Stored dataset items
--- --- ---
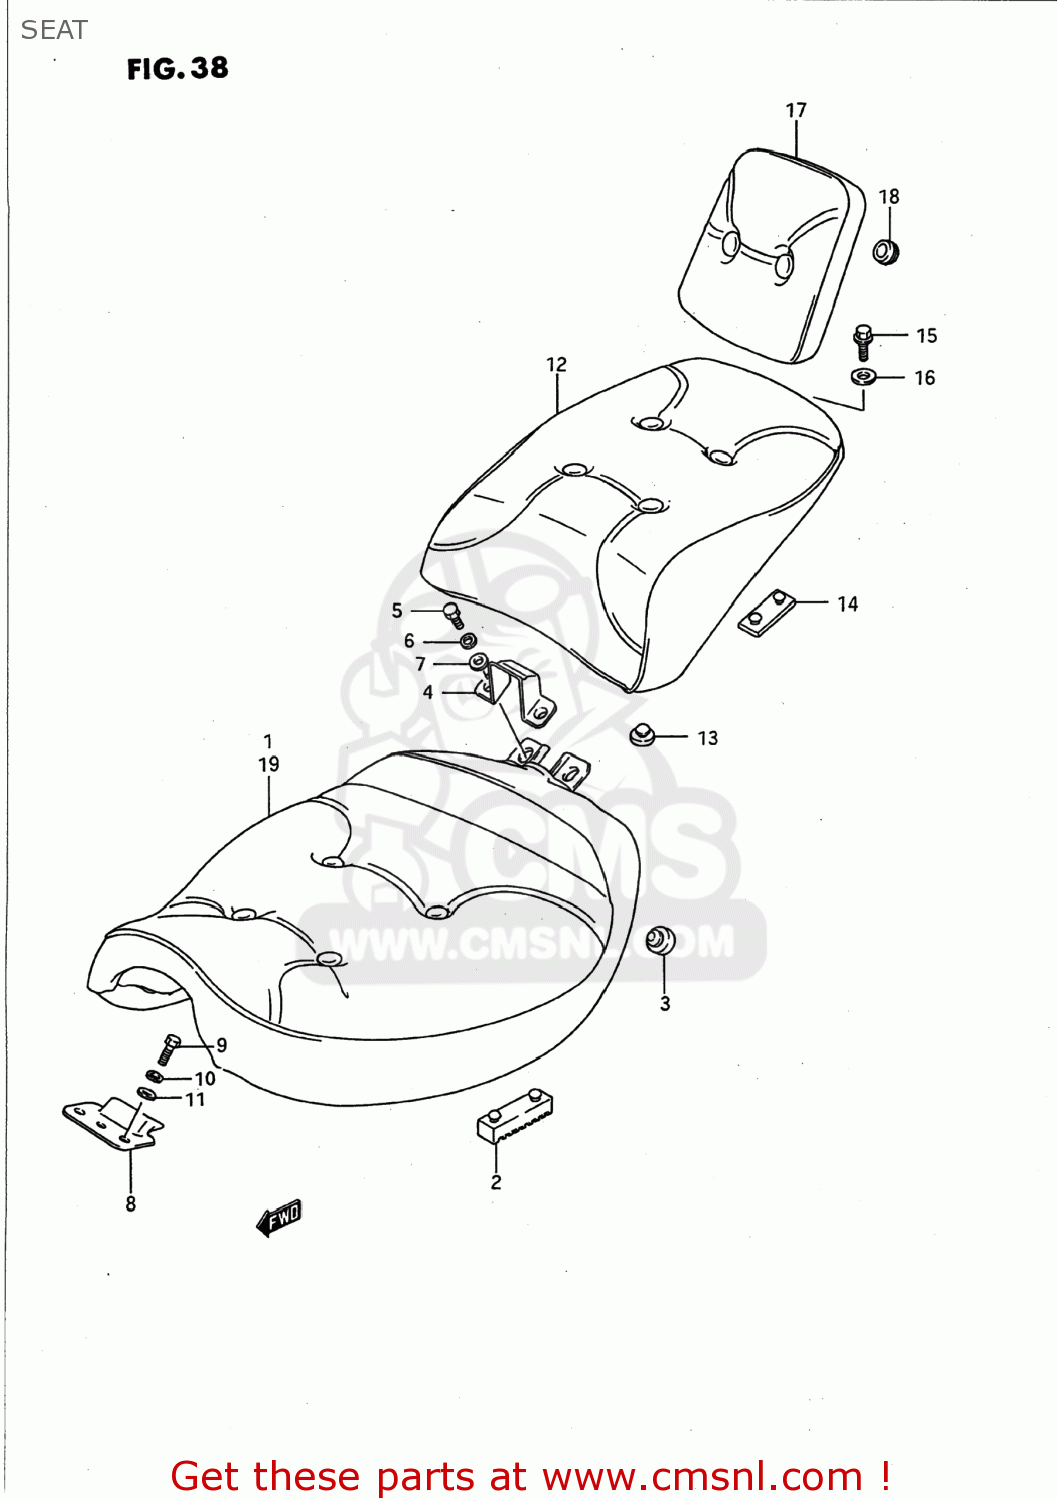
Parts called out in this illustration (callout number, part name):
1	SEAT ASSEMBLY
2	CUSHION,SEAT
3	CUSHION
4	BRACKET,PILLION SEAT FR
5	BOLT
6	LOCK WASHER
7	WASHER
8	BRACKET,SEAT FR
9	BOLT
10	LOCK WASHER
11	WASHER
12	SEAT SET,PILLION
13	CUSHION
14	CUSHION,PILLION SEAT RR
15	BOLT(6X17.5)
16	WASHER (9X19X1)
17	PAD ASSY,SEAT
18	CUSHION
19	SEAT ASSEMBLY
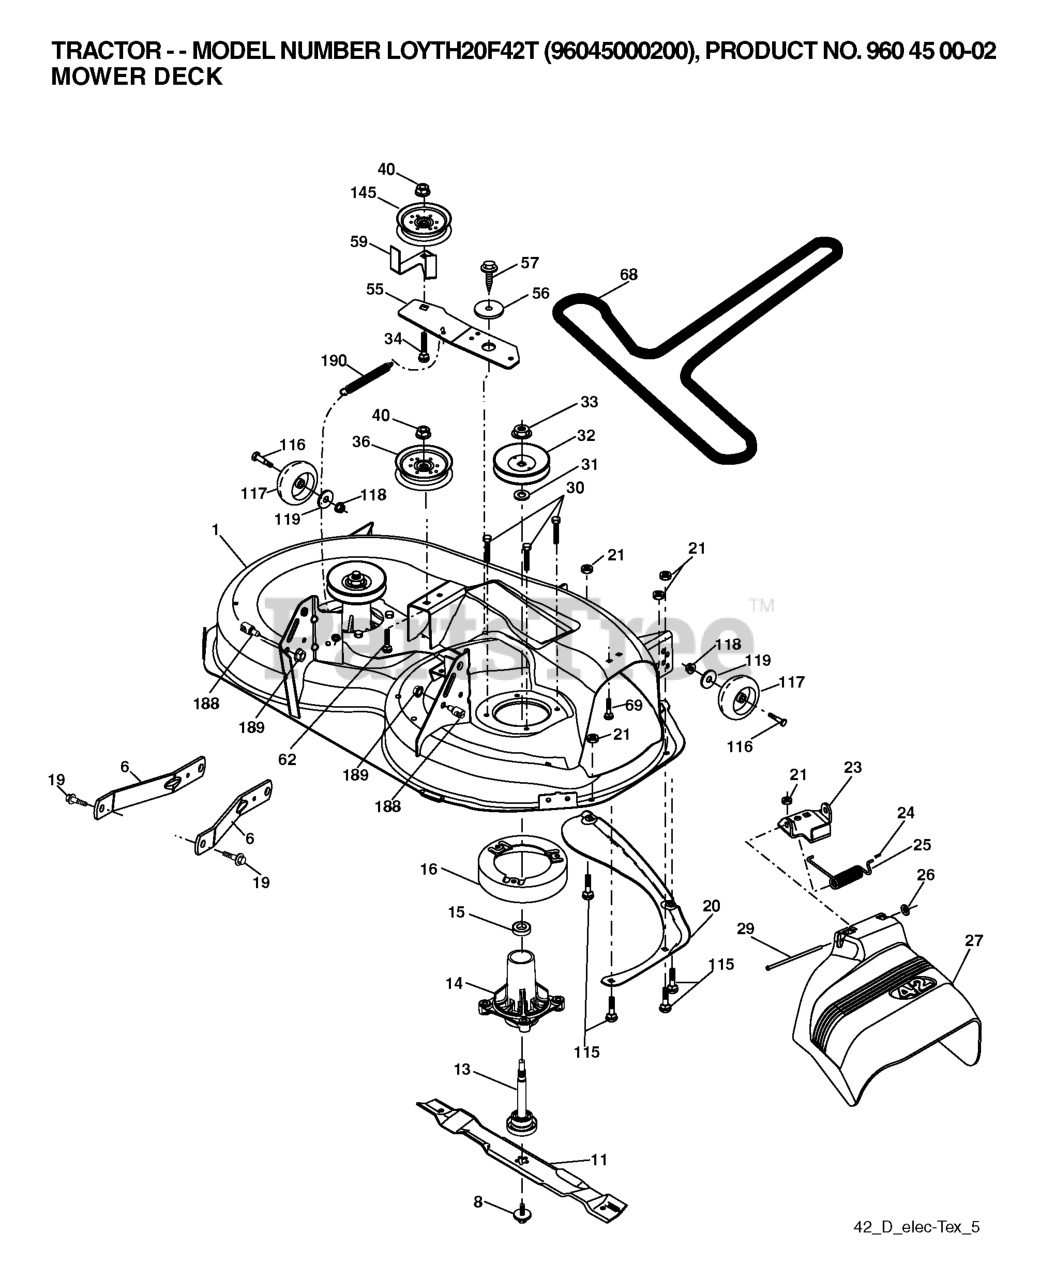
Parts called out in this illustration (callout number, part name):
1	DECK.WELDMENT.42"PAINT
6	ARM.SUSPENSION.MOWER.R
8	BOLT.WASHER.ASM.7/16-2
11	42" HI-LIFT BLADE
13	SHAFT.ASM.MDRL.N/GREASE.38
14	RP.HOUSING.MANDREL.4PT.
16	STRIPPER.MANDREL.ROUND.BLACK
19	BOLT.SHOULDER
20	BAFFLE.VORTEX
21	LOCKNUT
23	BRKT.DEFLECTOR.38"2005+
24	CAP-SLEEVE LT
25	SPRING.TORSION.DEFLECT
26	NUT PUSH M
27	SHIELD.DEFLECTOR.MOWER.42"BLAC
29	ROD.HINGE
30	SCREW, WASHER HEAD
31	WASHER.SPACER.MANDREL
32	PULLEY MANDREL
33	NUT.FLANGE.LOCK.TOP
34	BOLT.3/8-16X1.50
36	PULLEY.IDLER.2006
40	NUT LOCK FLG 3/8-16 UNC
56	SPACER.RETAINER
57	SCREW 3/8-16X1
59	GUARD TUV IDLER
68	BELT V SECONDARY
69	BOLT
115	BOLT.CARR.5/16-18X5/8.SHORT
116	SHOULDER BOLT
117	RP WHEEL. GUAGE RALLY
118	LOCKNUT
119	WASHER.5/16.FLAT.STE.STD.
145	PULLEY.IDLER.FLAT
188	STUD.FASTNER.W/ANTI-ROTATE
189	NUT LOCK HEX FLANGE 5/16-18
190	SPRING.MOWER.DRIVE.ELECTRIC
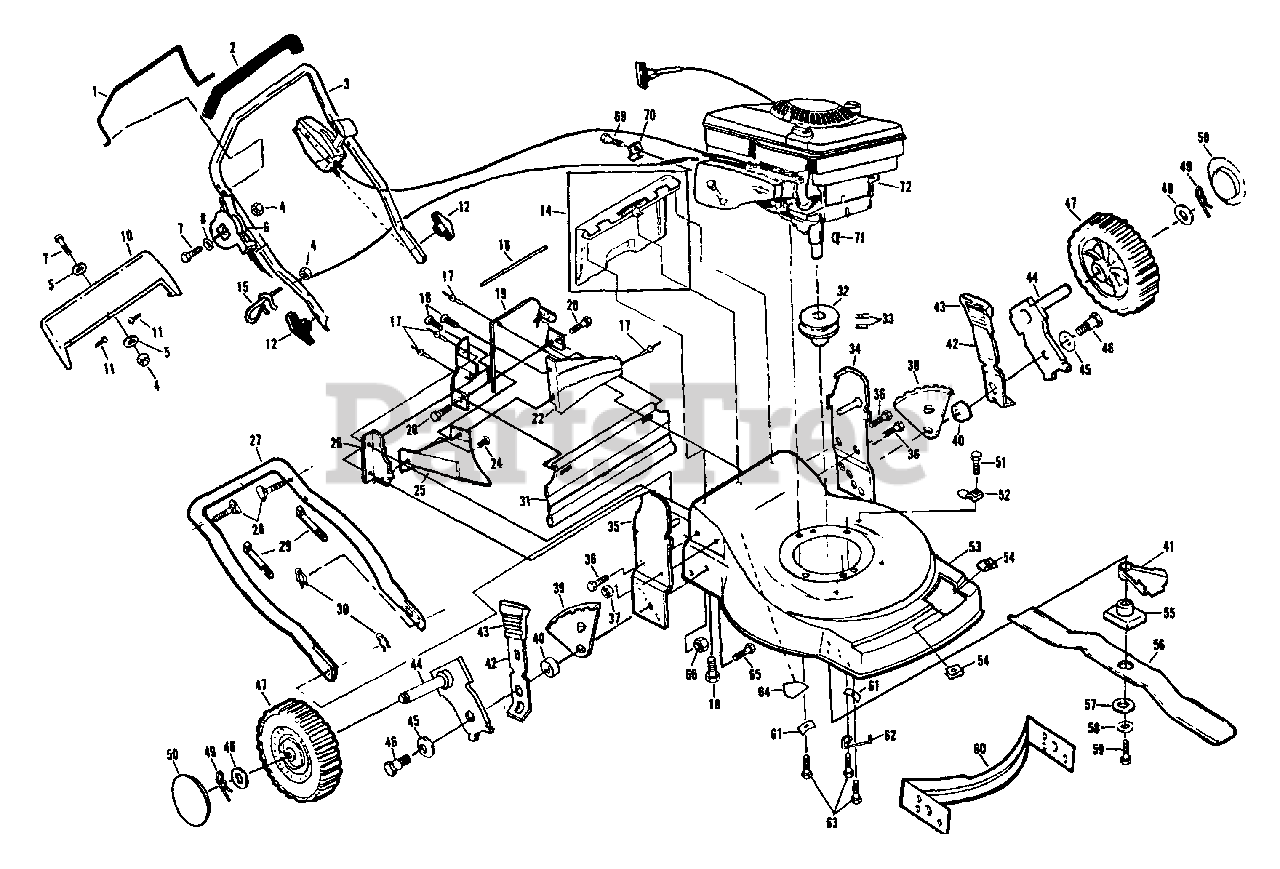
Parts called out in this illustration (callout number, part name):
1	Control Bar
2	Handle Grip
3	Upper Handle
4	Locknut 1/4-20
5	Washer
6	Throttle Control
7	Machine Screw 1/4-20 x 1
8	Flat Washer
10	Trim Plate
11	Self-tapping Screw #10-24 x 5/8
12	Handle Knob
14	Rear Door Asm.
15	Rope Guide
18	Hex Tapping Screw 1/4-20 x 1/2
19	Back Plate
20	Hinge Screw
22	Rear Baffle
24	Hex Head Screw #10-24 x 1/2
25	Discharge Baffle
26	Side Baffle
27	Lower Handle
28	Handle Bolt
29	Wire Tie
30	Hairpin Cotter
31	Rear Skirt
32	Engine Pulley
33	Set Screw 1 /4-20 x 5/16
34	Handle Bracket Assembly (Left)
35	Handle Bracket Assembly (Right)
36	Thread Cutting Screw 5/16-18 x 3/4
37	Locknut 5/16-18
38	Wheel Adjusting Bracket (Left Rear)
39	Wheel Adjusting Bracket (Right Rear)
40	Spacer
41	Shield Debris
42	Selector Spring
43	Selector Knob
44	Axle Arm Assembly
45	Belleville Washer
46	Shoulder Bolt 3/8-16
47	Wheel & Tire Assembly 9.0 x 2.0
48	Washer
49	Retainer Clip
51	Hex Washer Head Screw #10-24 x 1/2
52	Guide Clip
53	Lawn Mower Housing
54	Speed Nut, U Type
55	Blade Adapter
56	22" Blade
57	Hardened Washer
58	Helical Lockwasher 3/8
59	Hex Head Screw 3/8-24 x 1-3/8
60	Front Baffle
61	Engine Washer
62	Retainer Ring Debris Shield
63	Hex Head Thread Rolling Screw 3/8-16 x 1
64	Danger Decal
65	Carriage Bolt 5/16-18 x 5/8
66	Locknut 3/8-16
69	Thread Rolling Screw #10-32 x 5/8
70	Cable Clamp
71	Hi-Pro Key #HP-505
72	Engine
--- --- ---
_Task details_
Above are the records; repeat them all exactly, without the pictures.

_Answer section_
Parts called out in this illustration (callout number, part name):
1	SEAT ASSEMBLY
2	CUSHION,SEAT
3	CUSHION
4	BRACKET,PILLION SEAT FR
5	BOLT
6	LOCK WASHER
7	WASHER
8	BRACKET,SEAT FR
9	BOLT
10	LOCK WASHER
11	WASHER
12	SEAT SET,PILLION
13	CUSHION
14	CUSHION,PILLION SEAT RR
15	BOLT(6X17.5)
16	WASHER (9X19X1)
17	PAD ASSY,SEAT
18	CUSHION
19	SEAT ASSEMBLY
Parts called out in this illustration (callout number, part name):
1	DECK.WELDMENT.42"PAINT
6	ARM.SUSPENSION.MOWER.R
8	BOLT.WASHER.ASM.7/16-2
11	42" HI-LIFT BLADE
13	SHAFT.ASM.MDRL.N/GREASE.38
14	RP.HOUSING.MANDREL.4PT.
16	STRIPPER.MANDREL.ROUND.BLACK
19	BOLT.SHOULDER
20	BAFFLE.VORTEX
21	LOCKNUT
23	BRKT.DEFLECTOR.38"2005+
24	CAP-SLEEVE LT
25	SPRING.TORSION.DEFLECT
26	NUT PUSH M
27	SHIELD.DEFLECTOR.MOWER.42"BLAC
29	ROD.HINGE
30	SCREW, WASHER HEAD
31	WASHER.SPACER.MANDREL
32	PULLEY MANDREL
33	NUT.FLANGE.LOCK.TOP
34	BOLT.3/8-16X1.50
36	PULLEY.IDLER.2006
40	NUT LOCK FLG 3/8-16 UNC
56	SPACER.RETAINER
57	SCREW 3/8-16X1
59	GUARD TUV IDLER
68	BELT V SECONDARY
69	BOLT
115	BOLT.CARR.5/16-18X5/8.SHORT
116	SHOULDER BOLT
117	RP WHEEL. GUAGE RALLY
118	LOCKNUT
119	WASHER.5/16.FLAT.STE.STD.
145	PULLEY.IDLER.FLAT
188	STUD.FASTNER.W/ANTI-ROTATE
189	NUT LOCK HEX FLANGE 5/16-18
190	SPRING.MOWER.DRIVE.ELECTRIC
Parts called out in this illustration (callout number, part name):
1	Control Bar
2	Handle Grip
3	Upper Handle
4	Locknut 1/4-20
5	Washer
6	Throttle Control
7	Machine Screw 1/4-20 x 1
8	Flat Washer
10	Trim Plate
11	Self-tapping Screw #10-24 x 5/8
12	Handle Knob
14	Rear Door Asm.
15	Rope Guide
18	Hex Tapping Screw 1/4-20 x 1/2
19	Back Plate
20	Hinge Screw
22	Rear Baffle
24	Hex Head Screw #10-24 x 1/2
25	Discharge Baffle
26	Side Baffle
27	Lower Handle
28	Handle Bolt
29	Wire Tie
30	Hairpin Cotter
31	Rear Skirt
32	Engine Pulley
33	Set Screw 1 /4-20 x 5/16
34	Handle Bracket Assembly (Left)
35	Handle Bracket Assembly (Right)
36	Thread Cutting Screw 5/16-18 x 3/4
37	Locknut 5/16-18
38	Wheel Adjusting Bracket (Left Rear)
39	Wheel Adjusting Bracket (Right Rear)
40	Spacer
41	Shield Debris
42	Selector Spring
43	Selector Knob
44	Axle Arm Assembly
45	Belleville Washer
46	Shoulder Bolt 3/8-16
47	Wheel & Tire Assembly 9.0 x 2.0
48	Washer
49	Retainer Clip
51	Hex Washer Head Screw #10-24 x 1/2
52	Guide Clip
53	Lawn Mower Housing
54	Speed Nut, U Type
55	Blade Adapter
56	22" Blade
57	Hardened Washer
58	Helical Lockwasher 3/8
59	Hex Head Screw 3/8-24 x 1-3/8
60	Front Baffle
61	Engine Washer
62	Retainer Ring Debris Shield
63	Hex Head Thread Rolling Screw 3/8-16 x 1
64	Danger Decal
65	Carriage Bolt 5/16-18 x 5/8
66	Locknut 3/8-16
69	Thread Rolling Screw #10-32 x 5/8
70	Cable Clamp
71	Hi-Pro Key #HP-505
72	Engine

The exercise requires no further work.